» **PROBLEM**:
Reproduce the entries shown below only from the line with "doc.units = 0" down to the line with "msp = doc.modelspace()", keeping both end lines and copying each one exactly.
<<<<
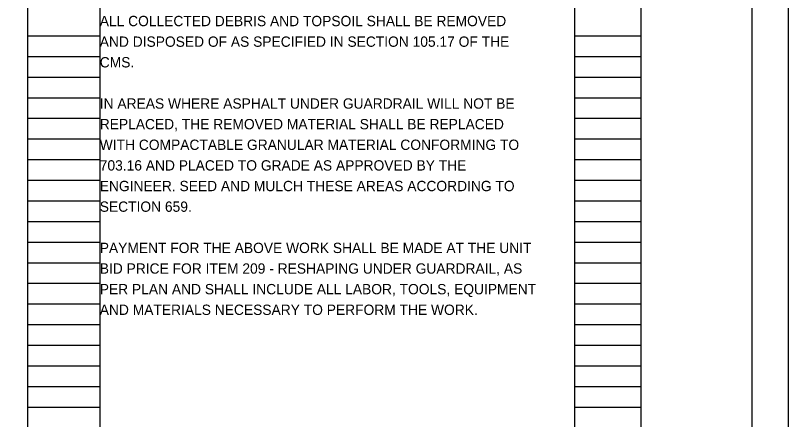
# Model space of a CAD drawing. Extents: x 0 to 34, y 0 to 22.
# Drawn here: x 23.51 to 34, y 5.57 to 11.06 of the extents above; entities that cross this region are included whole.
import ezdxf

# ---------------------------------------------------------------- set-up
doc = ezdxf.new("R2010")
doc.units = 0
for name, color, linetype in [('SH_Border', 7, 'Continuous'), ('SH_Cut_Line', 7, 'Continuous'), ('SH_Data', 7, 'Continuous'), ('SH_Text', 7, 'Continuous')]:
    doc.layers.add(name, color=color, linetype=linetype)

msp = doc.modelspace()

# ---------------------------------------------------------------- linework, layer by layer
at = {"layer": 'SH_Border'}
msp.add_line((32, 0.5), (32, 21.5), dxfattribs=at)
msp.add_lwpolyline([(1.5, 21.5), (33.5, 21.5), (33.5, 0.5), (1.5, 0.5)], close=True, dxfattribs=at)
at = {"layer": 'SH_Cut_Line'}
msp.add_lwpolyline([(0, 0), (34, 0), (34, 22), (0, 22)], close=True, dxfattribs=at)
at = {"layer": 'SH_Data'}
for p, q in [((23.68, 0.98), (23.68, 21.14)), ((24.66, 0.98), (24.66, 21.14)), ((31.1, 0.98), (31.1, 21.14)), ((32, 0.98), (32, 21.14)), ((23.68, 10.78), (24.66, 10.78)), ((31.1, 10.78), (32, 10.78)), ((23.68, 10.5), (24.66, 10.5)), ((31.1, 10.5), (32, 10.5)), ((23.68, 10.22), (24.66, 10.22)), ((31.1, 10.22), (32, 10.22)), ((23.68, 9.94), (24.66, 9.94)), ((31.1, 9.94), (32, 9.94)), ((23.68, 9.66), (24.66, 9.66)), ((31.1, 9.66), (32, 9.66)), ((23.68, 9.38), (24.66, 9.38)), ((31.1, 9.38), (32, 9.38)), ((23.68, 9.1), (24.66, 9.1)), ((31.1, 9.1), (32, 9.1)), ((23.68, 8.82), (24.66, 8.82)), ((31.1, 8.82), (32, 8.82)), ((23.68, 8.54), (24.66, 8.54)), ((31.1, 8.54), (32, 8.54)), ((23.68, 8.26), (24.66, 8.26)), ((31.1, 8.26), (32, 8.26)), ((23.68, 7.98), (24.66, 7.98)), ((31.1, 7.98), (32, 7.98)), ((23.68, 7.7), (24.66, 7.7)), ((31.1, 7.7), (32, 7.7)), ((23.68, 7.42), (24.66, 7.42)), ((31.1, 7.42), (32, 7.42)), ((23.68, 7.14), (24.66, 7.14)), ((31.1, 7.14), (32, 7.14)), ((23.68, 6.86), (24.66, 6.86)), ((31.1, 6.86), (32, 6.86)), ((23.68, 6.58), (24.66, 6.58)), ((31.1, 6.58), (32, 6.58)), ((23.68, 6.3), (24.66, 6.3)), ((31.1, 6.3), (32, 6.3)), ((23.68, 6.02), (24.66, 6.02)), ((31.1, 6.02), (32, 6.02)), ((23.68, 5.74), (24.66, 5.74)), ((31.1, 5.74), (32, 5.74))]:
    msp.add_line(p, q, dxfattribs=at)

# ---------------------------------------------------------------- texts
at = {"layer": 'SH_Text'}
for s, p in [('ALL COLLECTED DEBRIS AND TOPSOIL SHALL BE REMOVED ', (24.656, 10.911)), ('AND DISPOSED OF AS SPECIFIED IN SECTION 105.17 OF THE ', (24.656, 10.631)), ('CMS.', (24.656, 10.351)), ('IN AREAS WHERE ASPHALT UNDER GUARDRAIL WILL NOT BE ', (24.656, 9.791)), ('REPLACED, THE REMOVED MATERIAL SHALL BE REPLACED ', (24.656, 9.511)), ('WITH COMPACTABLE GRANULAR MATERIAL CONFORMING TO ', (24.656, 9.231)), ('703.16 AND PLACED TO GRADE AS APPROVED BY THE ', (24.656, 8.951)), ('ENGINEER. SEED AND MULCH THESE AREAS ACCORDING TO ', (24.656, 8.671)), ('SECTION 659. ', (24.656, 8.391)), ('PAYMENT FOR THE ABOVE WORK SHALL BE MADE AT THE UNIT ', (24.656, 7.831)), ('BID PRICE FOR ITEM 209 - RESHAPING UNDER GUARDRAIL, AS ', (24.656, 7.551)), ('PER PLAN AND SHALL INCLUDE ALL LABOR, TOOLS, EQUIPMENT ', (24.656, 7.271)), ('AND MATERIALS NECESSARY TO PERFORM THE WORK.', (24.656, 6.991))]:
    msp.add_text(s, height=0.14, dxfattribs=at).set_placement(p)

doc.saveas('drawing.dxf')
>>>>
» **TASK SOLUTION**:
doc.units = 0
for name, color, linetype in [('SH_Border', 7, 'Continuous'), ('SH_Cut_Line', 7, 'Continuous'), ('SH_Data', 7, 'Continuous'), ('SH_Text', 7, 'Continuous')]:
    doc.layers.add(name, color=color, linetype=linetype)

msp = doc.modelspace()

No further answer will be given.